ECM also does not currently have an explicit mechanism for capturing selection 
enhancements such as word prediction or symbolic communication. It may be 
possible to derive an extension that could capture these enhancements, however 
such a derivation is likely to require considerable effort. 

(4) Eff sys [17] 

Eff sys is a measure of the efficiency of a BCI system.

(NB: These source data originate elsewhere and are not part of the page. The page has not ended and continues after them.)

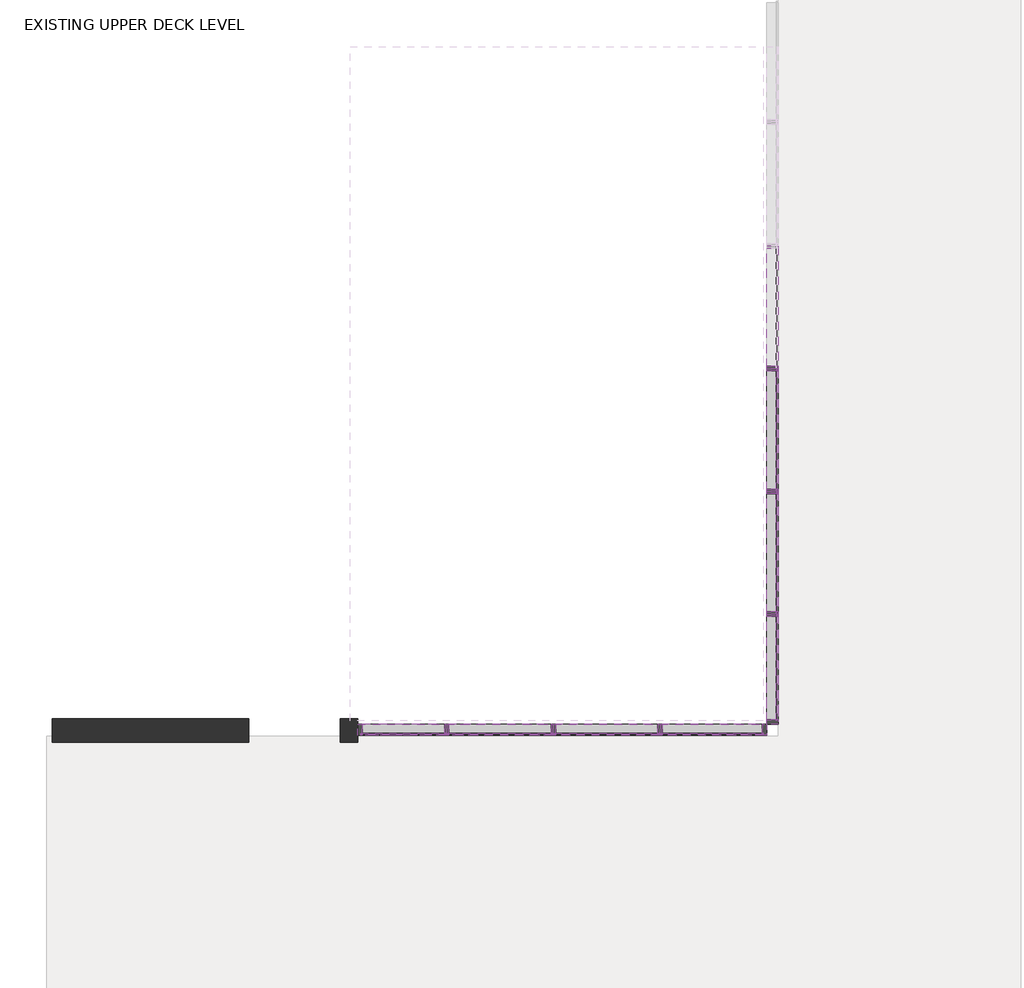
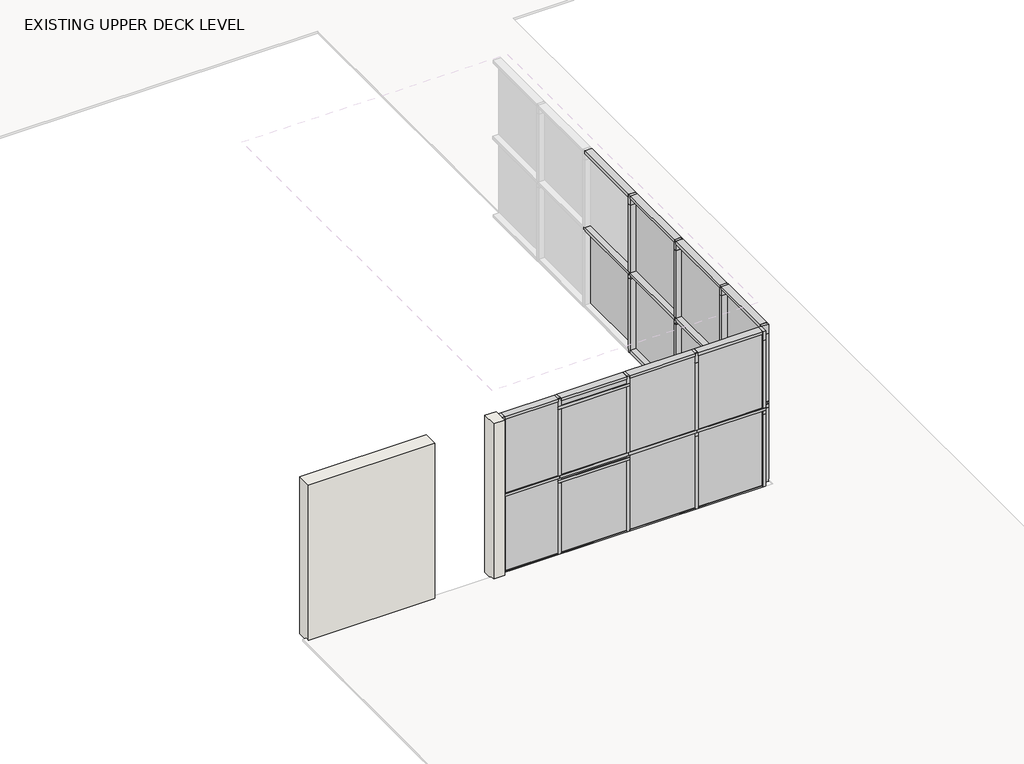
# One storey, part 1 of 3: 61 members, 17 plates, 2 walls.
"""IFC4 building model written with IfcOpenShell, lengths in millimetres."""

from ifc_helpers import new_model, si_unit, frame, origin, place, context, project, spatial, polyline, outline, extrude, transform, mapped, element, save
from components import rectangular_mullion_87c65740, rectangular_mullion_3bbbedf9, rectangular_mullion_b4cfd369, rectangular_mullion_5c729091, rectangular_mullion_7315190d, rectangular_mullion_10d2db1b, rectangular_mullion_3d4ac5a3, rectangular_mullion_f62ba54a, rectangular_mullion_d111657e, rectangular_mullion_fd3b6dd5, rectangular_mullion_40eadc30, rectangular_mullion_0e282d8c, rectangular_mullion_39e7f09f, rectangular_mullion_3aae72b7, rectangular_mullion_4c7a72c7, rectangular_mullion_b3d4cb6b, rectangular_mullion_1fe92667, rectangular_mullion_973b460d, rectangular_mullion_55bcc982, rectangular_mullion_b831e8bf, rectangular_mullion_e9066878, rectangular_mullion_478801f2, rectangular_mullion_1c6565c6, rectangular_mullion_a1e8f6e1, rectangular_mullion_329eebb0, rectangular_mullion_10ea58ea, rectangular_mullion_4aa090f8, rectangular_mullion_731fc383, rectangular_mullion_7dc9a697, rectangular_mullion_669ae467, rectangular_mullion_b15996d5, plate_297d9759, plate_a72b84bc, plate_3ea17b85, plate_fda873d3, plate_d8a04414, plate_09c1979e, plate_30067b60, plate_68830c21, plate_dc7cb12e, plate_a2bcb05a, plate_3054a16b, plate_fc387e76, plate_87ee5b28, plate_58e7cea2

model = new_model("IFC4")

# Units and contexts
model_context = context("Model", 3, world=origin())
ifc_project = project(units=[si_unit("LENGTHUNIT", "METRE", prefix="MILLI")], contexts=[model_context])

# Site, building, storey
site = spatial("IfcSite", under=ifc_project)
building = spatial("IfcBuilding", under=site)
storey = spatial("IfcBuildingStorey", under=building, Name="EXISTING UPPER DECK LEVEL", Elevation=294830.5)

# Members
placement = place(None, origin())
rectangular_mullion_shape = rectangular_mullion_87c65740(model_context)
element("IfcMember", 1, ObjectType="Rectangular Mullion : Kawneer-TRIFAB_VG_450_BACK_SB_Jamb R", at=placement, inside=storey, context=model_context, shape_type="MappedRepresentation", body=[
    mapped(rectangular_mullion_shape, transform((26931.5406077, 207160.7921827, 294830.5), x_axis=(0.0, -1.0, 0.0), y_axis=(-1.0, 0.0, 0.0), z_axis=(0.0, 0.0, -1.0))),
])
element("IfcMember", 2, ObjectType="Rectangular Mullion : Kawneer-TRIFAB_VG_450_BACK_SB_Jamb R", at=placement, inside=storey, context=model_context, shape_type="MappedRepresentation", body=[
    mapped(rectangular_mullion_shape, transform((22729.3654546, 207063.9546827, 294830.5), x_axis=(-1.0, 0.0, 0.0), y_axis=(0.0, 1.0, 0.0), z_axis=(0.0, 0.0, -1.0))),
])
rectangular_mullion_2_shape = rectangular_mullion_3bbbedf9(model_context)
element("IfcMember", 3, ObjectType="Rectangular Mullion : Kawneer-TRIFAB_VG_450_BACK_SB_Vertical", at=placement, inside=storey, context=model_context, shape_type="MappedRepresentation", body=[
    mapped(rectangular_mullion_2_shape, transform((26931.5406077, 209497.4591288, 294830.5), x_axis=(0.0, -1.0, 0.0), y_axis=(-1.0, 0.0, 0.0), z_axis=(0.0, 0.0, -1.0))),
])
element("IfcMember", 4, ObjectType="Rectangular Mullion : Kawneer-TRIFAB_VG_450_BACK_SB_Vertical", at=placement, inside=storey, context=model_context, shape_type="MappedRepresentation", body=[
    mapped(rectangular_mullion_2_shape, transform((26931.5406077, 208265.5591288, 294830.5), x_axis=(0.0, -1.0, 0.0), y_axis=(-1.0, 0.0, 0.0), z_axis=(0.0, 0.0, -1.0))),
])
element("IfcMember", 5, ObjectType="Rectangular Mullion : Kawneer-TRIFAB_VG_450_BACK_SB_Vertical", at=placement, inside=storey, context=model_context, shape_type="MappedRepresentation", body=[
    mapped(rectangular_mullion_2_shape, transform((26931.5406077, 210729.3591288, 294830.5), x_axis=(0.0, -1.0, 0.0), y_axis=(-1.0, 0.0, 0.0), z_axis=(0.0, 0.0, -1.0))),
])
element("IfcMember", 6, ObjectType="Rectangular Mullion : Kawneer-TRIFAB_VG_450_BACK_SB_Vertical", at=placement, inside=storey, context=model_context, shape_type="MappedRepresentation", body=[
    mapped(rectangular_mullion_2_shape, transform((25763.9186944, 207063.9546827, 294830.5), x_axis=(-1.0, 0.0, 0.0), y_axis=(0.0, 1.0, 0.0), z_axis=(0.0, 0.0, -1.0))),
])
rectangular_mullion_3_shape = rectangular_mullion_b4cfd369(model_context)
element("IfcMember", 7, ObjectType="Rectangular Mullion : Kawneer-TRIFAB_VG_450_BACK_SB_Jamb L", at=placement, inside=storey, context=model_context, shape_type="MappedRepresentation", body=[
    mapped(rectangular_mullion_3_shape, transform((26834.7031077, 207063.9546827, 296049.7), x_axis=(1.0, 0.0, 0.0), y_axis=(0.0, 1.0, 0.0), z_axis=(0.0, 0.0, 1.0))),
])
rectangular_mullion_4_shape = rectangular_mullion_5c729091(model_context)
element("IfcMember", 8, ObjectType="Rectangular Mullion : Kawneer-TRIFAB_VG_450_BACK_SB_Head", at=placement, inside=storey, context=model_context, shape_type="MappedRepresentation", body=[
    mapped(rectangular_mullion_4_shape, transform((26931.5406077, 209519.6841288, 297421.3), x_axis=(0.0, 0.0, 1.0), y_axis=(-1.0, 0.0, 0.0), z_axis=(0.0, -1.0, 0.0))),
])
element("IfcMember", 9, ObjectType="Rectangular Mullion : Kawneer-TRIFAB_VG_450_BACK_SB_Head", at=placement, inside=storey, context=model_context, shape_type="MappedRepresentation", body=[
    mapped(rectangular_mullion_4_shape, transform((26931.5406077, 208287.7841288, 297421.3), x_axis=(0.0, 0.0, 1.0), y_axis=(-1.0, 0.0, 0.0), z_axis=(0.0, -1.0, 0.0))),
])
element("IfcMember", 10, ObjectType="Rectangular Mullion : Kawneer-TRIFAB_VG_450_BACK_SB_Head", at=placement, inside=storey, context=model_context, shape_type="MappedRepresentation", body=[
    mapped(rectangular_mullion_4_shape, transform((26931.5406077, 210751.5841288, 297421.3), x_axis=(0.0, 0.0, 1.0), y_axis=(-1.0, 0.0, 0.0), z_axis=(0.0, -1.0, 0.0))),
])
rectangular_mullion_5_shape = rectangular_mullion_7315190d(model_context)
element("IfcMember", 11, ObjectType="Rectangular Mullion : Kawneer-TRIFAB_VG_450_BACK_SB_Sill", at=placement, inside=storey, context=model_context, shape_type="MappedRepresentation", body=[
    mapped(rectangular_mullion_5_shape, transform((26931.5406077, 209475.2341288, 294830.5), x_axis=(0.0, 0.0, -1.0), y_axis=(-1.0, 0.0, 0.0), z_axis=(0.0, 1.0, 0.0))),
])
element("IfcMember", 12, ObjectType="Rectangular Mullion : Kawneer-TRIFAB_VG_450_BACK_SB_Sill", at=placement, inside=storey, context=model_context, shape_type="MappedRepresentation", body=[
    mapped(rectangular_mullion_5_shape, transform((26931.5406077, 210707.1341288, 294830.5), x_axis=(0.0, 0.0, -1.0), y_axis=(-1.0, 0.0, 0.0), z_axis=(0.0, 1.0, 0.0))),
])
rectangular_mullion_6_shape = rectangular_mullion_10d2db1b(model_context)
element("IfcMember", 13, ObjectType="Rectangular Mullion : Kawneer-TRIFAB_VG_450_BACK_SB_Vertical", at=placement, inside=storey, context=model_context, shape_type="MappedRepresentation", body=[
    mapped(rectangular_mullion_6_shape, transform((26931.5406077, 209497.4591288, 297268.9), x_axis=(0.0, -1.0, 0.0), y_axis=(-1.0, 0.0, 0.0), z_axis=(0.0, 0.0, -1.0))),
])
element("IfcMember", 14, ObjectType="Rectangular Mullion : Kawneer-TRIFAB_VG_450_BACK_SB_Vertical", at=placement, inside=storey, context=model_context, shape_type="MappedRepresentation", body=[
    mapped(rectangular_mullion_6_shape, transform((26931.5406077, 208265.5591288, 297268.9), x_axis=(0.0, -1.0, 0.0), y_axis=(-1.0, 0.0, 0.0), z_axis=(0.0, 0.0, -1.0))),
])
element("IfcMember", 15, ObjectType="Rectangular Mullion : Kawneer-TRIFAB_VG_450_BACK_SB_Vertical", at=placement, inside=storey, context=model_context, shape_type="MappedRepresentation", body=[
    mapped(rectangular_mullion_6_shape, transform((26931.5406077, 210729.3591288, 297268.9), x_axis=(0.0, -1.0, 0.0), y_axis=(-1.0, 0.0, 0.0), z_axis=(0.0, 0.0, -1.0))),
])
element("IfcMember", 16, ObjectType="Rectangular Mullion : Kawneer-TRIFAB_VG_450_BACK_SB_Vertical", at=placement, inside=storey, context=model_context, shape_type="MappedRepresentation", body=[
    mapped(rectangular_mullion_6_shape, transform((25763.9186944, 207063.9546827, 297268.9), x_axis=(-1.0, 0.0, 0.0), y_axis=(0.0, 1.0, 0.0), z_axis=(0.0, 0.0, -1.0))),
])
rectangular_mullion_7_shape = rectangular_mullion_3d4ac5a3(model_context)
element("IfcMember", 17, ObjectType="Rectangular Mullion : Kawneer-TRIFAB_VG_450_BACK_SB_Jamb L", at=placement, inside=storey, context=model_context, shape_type="MappedRepresentation", body=[
    mapped(rectangular_mullion_7_shape, transform((26834.7031077, 207063.9546827, 297421.3), x_axis=(1.0, 0.0, 0.0), y_axis=(0.0, 1.0, 0.0), z_axis=(0.0, 0.0, 1.0))),
])
rectangular_mullion_8_shape = rectangular_mullion_f62ba54a(model_context)
element("IfcMember", 18, ObjectType="Rectangular Mullion : Kawneer-TRIFAB_VG_450_BACK_SB_Jamb R", at=placement, inside=storey, context=model_context, shape_type="MappedRepresentation", body=[
    mapped(rectangular_mullion_8_shape, transform((26931.5406077, 207160.7921827, 297268.9), x_axis=(0.0, -1.0, 0.0), y_axis=(-1.0, 0.0, 0.0), z_axis=(0.0, 0.0, -1.0))),
])
element("IfcMember", 19, ObjectType="Rectangular Mullion : Kawneer-TRIFAB_VG_450_BACK_SB_Jamb R", at=placement, inside=storey, context=model_context, shape_type="MappedRepresentation", body=[
    mapped(rectangular_mullion_8_shape, transform((22729.3654546, 207063.9546827, 297268.9), x_axis=(-1.0, 0.0, 0.0), y_axis=(0.0, 1.0, 0.0), z_axis=(0.0, 0.0, -1.0))),
])
rectangular_mullion_9_shape = rectangular_mullion_d111657e(model_context)
element("IfcMember", 20, ObjectType="Rectangular Mullion : Kawneer-TRIFAB_VG_450_BACK_SB_Vertical", at=placement, inside=storey, context=model_context, shape_type="MappedRepresentation", body=[
    mapped(rectangular_mullion_9_shape, transform((24693.1342812, 207063.9546827, 294830.5), x_axis=(-1.0, 0.0, 0.0), y_axis=(0.0, 1.0, 0.0), z_axis=(0.0, 0.0, -1.0))),
])
element("IfcMember", 21, ObjectType="Rectangular Mullion : Kawneer-TRIFAB_VG_450_BACK_SB_Vertical", at=placement, inside=storey, context=model_context, shape_type="MappedRepresentation", body=[
    mapped(rectangular_mullion_9_shape, transform((23622.3498679, 207063.9546827, 294830.5), x_axis=(-1.0, 0.0, 0.0), y_axis=(0.0, 1.0, 0.0), z_axis=(0.0, 0.0, -1.0))),
])
rectangular_mullion_10_shape = rectangular_mullion_fd3b6dd5(model_context)
element("IfcMember", 22, ObjectType="Rectangular Mullion : Kawneer-TRIFAB_VG_450_BACK_SB_Vertical", at=placement, inside=storey, context=model_context, shape_type="MappedRepresentation", body=[
    mapped(rectangular_mullion_10_shape, transform((26931.5406077, 209497.4591288, 296049.7), x_axis=(0.0, -1.0, 0.0), y_axis=(-1.0, 0.0, 0.0), z_axis=(0.0, 0.0, -1.0))),
])
element("IfcMember", 23, ObjectType="Rectangular Mullion : Kawneer-TRIFAB_VG_450_BACK_SB_Vertical", at=placement, inside=storey, context=model_context, shape_type="MappedRepresentation", body=[
    mapped(rectangular_mullion_10_shape, transform((26931.5406077, 208265.5591288, 296049.7), x_axis=(0.0, -1.0, 0.0), y_axis=(-1.0, 0.0, 0.0), z_axis=(0.0, 0.0, -1.0))),
])
element("IfcMember", 24, ObjectType="Rectangular Mullion : Kawneer-TRIFAB_VG_450_BACK_SB_Vertical", at=placement, inside=storey, context=model_context, shape_type="MappedRepresentation", body=[
    mapped(rectangular_mullion_10_shape, transform((26931.5406077, 210729.3591288, 296049.7), x_axis=(0.0, -1.0, 0.0), y_axis=(-1.0, 0.0, 0.0), z_axis=(0.0, 0.0, -1.0))),
])
element("IfcMember", 25, ObjectType="Rectangular Mullion : Kawneer-TRIFAB_VG_450_BACK_SB_Vertical", at=placement, inside=storey, context=model_context, shape_type="MappedRepresentation", body=[
    mapped(rectangular_mullion_10_shape, transform((25763.9186944, 207063.9546827, 296049.7), x_axis=(-1.0, 0.0, 0.0), y_axis=(0.0, 1.0, 0.0), z_axis=(0.0, 0.0, -1.0))),
])
rectangular_mullion_11_shape = rectangular_mullion_40eadc30(model_context)
element("IfcMember", 26, ObjectType="Rectangular Mullion : Kawneer-TRIFAB_VG_450_BACK_SB_Vertical", at=placement, inside=storey, context=model_context, shape_type="MappedRepresentation", body=[
    mapped(rectangular_mullion_11_shape, transform((26931.5406077, 209497.4591288, 296152.4594027), x_axis=(0.0, -1.0, 0.0), y_axis=(-1.0, 0.0, 0.0), z_axis=(0.0, 0.0, -1.0))),
])
element("IfcMember", 27, ObjectType="Rectangular Mullion : Kawneer-TRIFAB_VG_450_BACK_SB_Vertical", at=placement, inside=storey, context=model_context, shape_type="MappedRepresentation", body=[
    mapped(rectangular_mullion_11_shape, transform((26931.5406077, 208265.5591288, 296152.4594027), x_axis=(0.0, -1.0, 0.0), y_axis=(-1.0, 0.0, 0.0), z_axis=(0.0, 0.0, -1.0))),
])
element("IfcMember", 28, ObjectType="Rectangular Mullion : Kawneer-TRIFAB_VG_450_BACK_SB_Vertical", at=placement, inside=storey, context=model_context, shape_type="MappedRepresentation", body=[
    mapped(rectangular_mullion_11_shape, transform((26931.5406077, 210729.3591288, 296152.4594027), x_axis=(0.0, -1.0, 0.0), y_axis=(-1.0, 0.0, 0.0), z_axis=(0.0, 0.0, -1.0))),
])
element("IfcMember", 29, ObjectType="Rectangular Mullion : Kawneer-TRIFAB_VG_450_BACK_SB_Vertical", at=placement, inside=storey, context=model_context, shape_type="MappedRepresentation", body=[
    mapped(rectangular_mullion_11_shape, transform((25763.9186944, 207063.9546827, 296152.4594027), x_axis=(-1.0, 0.0, 0.0), y_axis=(0.0, 1.0, 0.0), z_axis=(0.0, 0.0, -1.0))),
])
rectangular_mullion_12_shape = rectangular_mullion_0e282d8c(model_context)
element("IfcMember", 30, ObjectType="Rectangular Mullion : Kawneer-TRIFAB_VG_450_BACK_SB_Horizontal", at=placement, inside=storey, context=model_context, shape_type="MappedRepresentation", body=[
    mapped(rectangular_mullion_12_shape, transform((26931.5406077, 210729.3591288, 296125.9), x_axis=(0.0, 0.0, 1.0), y_axis=(-1.0, 0.0, 0.0), z_axis=(0.0, -1.0, 0.0))),
])
element("IfcMember", 31, ObjectType="Rectangular Mullion : Kawneer-TRIFAB_VG_450_BACK_SB_Horizontal", at=placement, inside=storey, context=model_context, shape_type="MappedRepresentation", body=[
    mapped(rectangular_mullion_12_shape, transform((26931.5406077, 209497.4591288, 296125.9), x_axis=(0.0, 0.0, 1.0), y_axis=(-1.0, 0.0, 0.0), z_axis=(0.0, -1.0, 0.0))),
])
element("IfcMember", 32, ObjectType="Rectangular Mullion : Kawneer-TRIFAB_VG_450_BACK_SB_Horizontal", at=placement, inside=storey, context=model_context, shape_type="MappedRepresentation", body=[
    mapped(rectangular_mullion_12_shape, transform((26931.5406077, 208265.5591288, 296125.9), x_axis=(0.0, 0.0, 1.0), y_axis=(-1.0, 0.0, 0.0), z_axis=(0.0, -1.0, 0.0))),
])
rectangular_mullion_13_shape = rectangular_mullion_39e7f09f(model_context)
element("IfcMember", 33, ObjectType="Rectangular Mullion : Kawneer-TRIFAB_VG_450_BACK_SB_Jamb R", at=placement, inside=storey, context=model_context, shape_type="MappedRepresentation", body=[
    mapped(rectangular_mullion_13_shape, transform((26931.5406077, 207160.7921827, 296049.7), x_axis=(0.0, -1.0, 0.0), y_axis=(-1.0, 0.0, 0.0), z_axis=(0.0, 0.0, -1.0))),
])
element("IfcMember", 34, ObjectType="Rectangular Mullion : Kawneer-TRIFAB_VG_450_BACK_SB_Jamb R", at=placement, inside=storey, context=model_context, shape_type="MappedRepresentation", body=[
    mapped(rectangular_mullion_13_shape, transform((22729.3654546, 207063.9546827, 296049.7), x_axis=(-1.0, 0.0, 0.0), y_axis=(0.0, 1.0, 0.0), z_axis=(0.0, 0.0, -1.0))),
])
rectangular_mullion_14_shape = rectangular_mullion_3aae72b7(model_context)
element("IfcMember", 35, ObjectType="Rectangular Mullion : Kawneer-TRIFAB_VG_450_BACK_SB_Jamb L", at=placement, inside=storey, context=model_context, shape_type="MappedRepresentation", body=[
    mapped(rectangular_mullion_14_shape, transform((26834.7031077, 207063.9546827, 297268.9), x_axis=(1.0, 0.0, 0.0), y_axis=(0.0, 1.0, 0.0), z_axis=(0.0, 0.0, 1.0))),
])
rectangular_mullion_15_shape = rectangular_mullion_4c7a72c7(model_context)
element("IfcMember", 36, ObjectType="Rectangular Mullion : Kawneer-TRIFAB_VG_450_BACK_SB_Jamb R", at=placement, inside=storey, context=model_context, shape_type="MappedRepresentation", body=[
    mapped(rectangular_mullion_15_shape, transform((26931.5406077, 207160.7921827, 296152.4594027), x_axis=(0.0, -1.0, 0.0), y_axis=(-1.0, 0.0, 0.0), z_axis=(0.0, 0.0, -1.0))),
])
element("IfcMember", 37, ObjectType="Rectangular Mullion : Kawneer-TRIFAB_VG_450_BACK_SB_Jamb R", at=placement, inside=storey, context=model_context, shape_type="MappedRepresentation", body=[
    mapped(rectangular_mullion_15_shape, transform((22729.3654546, 207063.9546827, 296152.4594027), x_axis=(-1.0, 0.0, 0.0), y_axis=(0.0, 1.0, 0.0), z_axis=(0.0, 0.0, -1.0))),
])
rectangular_mullion_16_shape = rectangular_mullion_b3d4cb6b(model_context)
element("IfcMember", 38, ObjectType="Rectangular Mullion : Kawneer-TRIFAB_VG_450_BACK_SB_Jamb L", at=placement, inside=storey, context=model_context, shape_type="MappedRepresentation", body=[
    mapped(rectangular_mullion_16_shape, transform((26834.7031077, 207063.9546827, 296108.0094027), x_axis=(1.0, 0.0, 0.0), y_axis=(0.0, 1.0, 0.0), z_axis=(0.0, 0.0, 1.0))),
])
rectangular_mullion_17_shape = rectangular_mullion_1fe92667(model_context)
element("IfcMember", 39, ObjectType="Rectangular Mullion : Kawneer-TRIFAB_VG_450_BACK_SB_Head", at=placement, inside=storey, context=model_context, shape_type="MappedRepresentation", body=[
    mapped(rectangular_mullion_17_shape, transform((26931.5406077, 207205.2421827, 297421.3), x_axis=(0.0, 0.0, 1.0), y_axis=(-1.0, 0.0, 0.0), z_axis=(0.0, -1.0, 0.0))),
])
rectangular_mullion_18_shape = rectangular_mullion_973b460d(model_context)
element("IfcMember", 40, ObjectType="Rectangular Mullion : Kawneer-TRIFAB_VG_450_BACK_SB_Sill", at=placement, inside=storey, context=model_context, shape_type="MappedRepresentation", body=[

Eff sys is based on ECM, but 
differs in that it (a) includes calculations for the cost of errors; and (b) is a scalar 
metric, and therefore practical for publication. Eff sys is designed to account for the 
fact that different outputs may have different probabilities of correct classification; 
however, its derivation assumes that the probability of selecting a 'backspace' 
option is equal to the probability of selecting each of the other outputs. This 
inconsistency leads to erratic behavior in this metric; if the accuracy of even one 
potential output is less than 50%, Eff sys = 0. This behavior can be corrected by a 
slight modification to the formula, which we present as Eff sys '. 

(5) EfV 

Eff sys ' is a modification of Eff sys that accounts for the fact that different outputs 
may have different probabilities of correct classification. The formula presented in 
Table 3 is derived for the conditions of: (1) a BCI user selecting outputs (e.g. 
letters) with the option of undoing erroneous selections; and (2) an erroneous 
selection requiring the selection of an 'undo' option, followed by reselecting the 
intended output. The second condition is not true in the case of an erroneous 
selection of the 'undo' option; consequently, Eff sys ' will slightly underestimate BCI 
performance. This formula allows all outputs except the 'undo' option to have any 
non-zero probability; only the 'undo' option is required to have accuracy greater 
than 50%. Note that this form of the metric does not account for Selection 
Enhancement Modules that implement automatic error correction, though it 
approximates user-based error correction better than Eff sys . 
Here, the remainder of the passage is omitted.